I gestured around at my house, myself, my brain, my life.

"Maybe if it ended, it would have meant something," I said. "But it's just one eternal mindfuck! And you did it. You did all of it! How can you stand here in front of me? You might as well have been the one who...you did all of it. You're my father's fist. I never saw it, but it's always been you, you fucking worm!"

His supernatural face arranged itself into an expression of majestic affront. I didn't care. I so didn't care.

"You are raving and half dead," he noted. He wasn't criticizing. Just assessing. "Decayed. And drunk, always, even when you're not drunk. Drunk on bitterness. Drunk on hatred. Can you not see what you've become?"

I laughed, a long, brutal, trenchant cackle. I'd always been such a radiant boy.

"What I've become?" I smiled and my gums rained purple blood. "I'm not anything."

"No," he sighed, and his eyes shone. "Not anymore."

I hated that I started to cry then.

"I was, once, you know," I said. "I tried to be. I could have made it. But you took care of that."

"I took care of nothing," he said, his face stern. "I only--"

I stepped forward and punched him in the jaw with as much power as I could muster. My hand stung afterward but I wanted to kiss the pain.

He, on the other hand, fell back in total shock. I suppose it's not every day a millennia-old being gets socked in the mouth by a young man who is, all things considered, a specimen of utterly insignificant mortality.

"You did this," I said. "Just remember that."

His face darkened.

"You--"

I hit him again.

"Get out," I whispered. My voice grew louder. "Get out, get out, get out! GET OUT! YOU'RE JUST LIKE THE REST OF THEM! I'M SURROUNDED BY WORTHLESS PIECES OF SHIT!"

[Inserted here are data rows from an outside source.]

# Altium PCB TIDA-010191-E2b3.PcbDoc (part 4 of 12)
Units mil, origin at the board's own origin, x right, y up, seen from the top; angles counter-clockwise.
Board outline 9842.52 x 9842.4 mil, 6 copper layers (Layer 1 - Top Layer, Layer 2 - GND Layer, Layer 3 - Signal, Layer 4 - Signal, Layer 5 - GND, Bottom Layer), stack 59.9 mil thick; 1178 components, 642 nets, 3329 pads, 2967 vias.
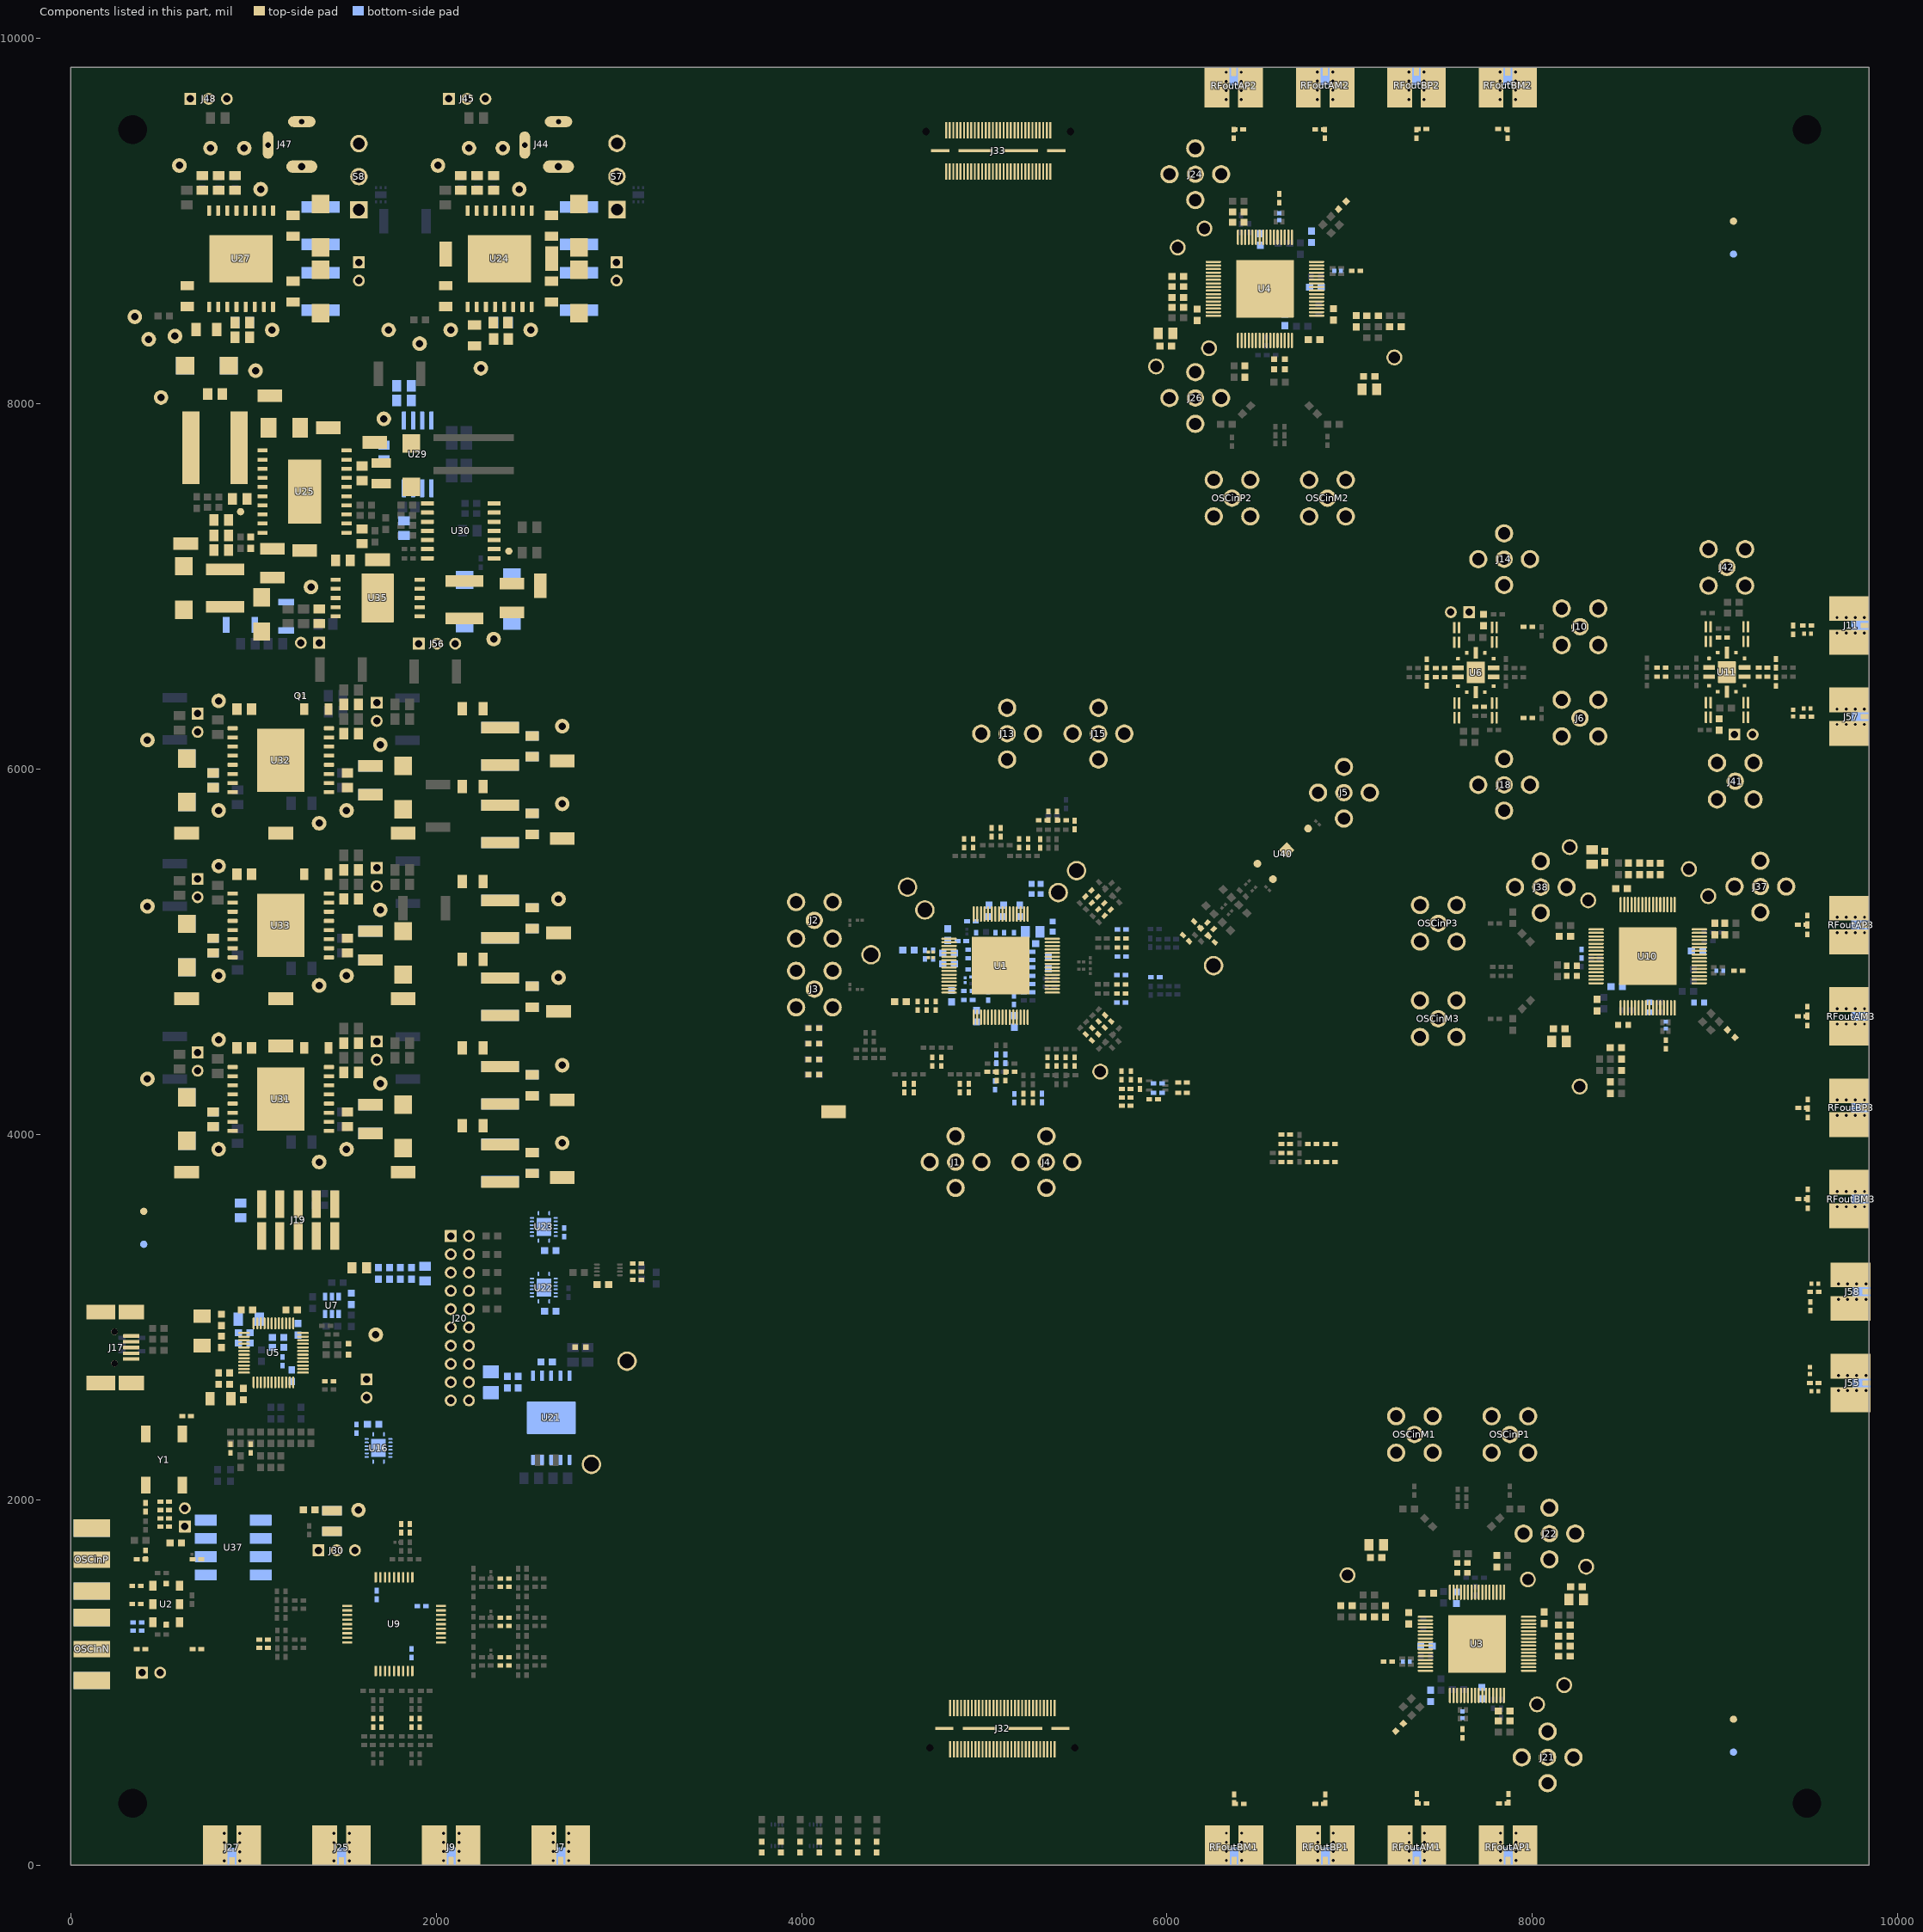
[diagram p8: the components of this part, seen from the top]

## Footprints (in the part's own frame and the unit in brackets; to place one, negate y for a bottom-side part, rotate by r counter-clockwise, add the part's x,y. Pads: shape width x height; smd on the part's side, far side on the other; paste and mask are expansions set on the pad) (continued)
FCI_52601-S10-8LF [mil] "FCI Electronics"
  rect 150x50 smd: 1(-87.5,200) 2(86.5,200) 3(-87.5,100) 4(87.5,100) 5(-87.5,0) 6(87.5,0) 7(-87.5,-100) 8(87.5,-100) 9(-87.5,-200) 10(87.5,-200)
  silkscreen extent -175,-396 176,397, body extent -172,-395 173,395, height 496
FFK0014A [mm] "LCCC-14"
  rrect20% 0.5x0.5 smd: 1(-2.725,1.27) 3(-2.725,-1.27) 4(-1.905,-2.475) 7(1.905,-2.475) 8(2.725,-1.27) 10(2.725,1.27) 11(1.905,2.475) 14(-1.905,2.475)
  rrect16% 1.65x0.64 smd: 2(-2.725,0) 9(2.725,0)
  rrect16% 0.64x1.65 smd: 5(-0.635,-2.475) 6(0.635,-2.475) 12(0.635,2.475) 13(-0.635,2.475)
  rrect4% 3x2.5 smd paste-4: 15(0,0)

I suppose that last bit was too much for his delicate sensibilities, because at that moment he vanished from the room. He wasn't gone for a moment before Cruelty materialized in his place.

"BB," she smiled. "Would you like a glass of wine?"

I smirked my approval at her ever-so-timely Skrillex haircut.

"Why, Cruelty," I said. "I thought you'd never ask."

She raised her vial of Merlot in a demented toast.

"Isn't it marvelous when you stop caring?" she asked with her shark's grin.

"It is marvelous," I agreed. "Absolutely marvelous."

I'm Still Here--Still Dipping, Dipping Low

I've been absent a while, guys, and for that I'm sorry. I just thought you should know that I am still here, even if it feels like I'm finally at the end of something. What is there to say when everything's the same?

The last month or so has been a blessing, though. It's been a revelation and has shown me the way to an open door that will terminate this endless hallway. Beyond that, there's been a blogger visit that was, dare I say, truly fabulous.

All those things coming soon. Thanks for sticking around.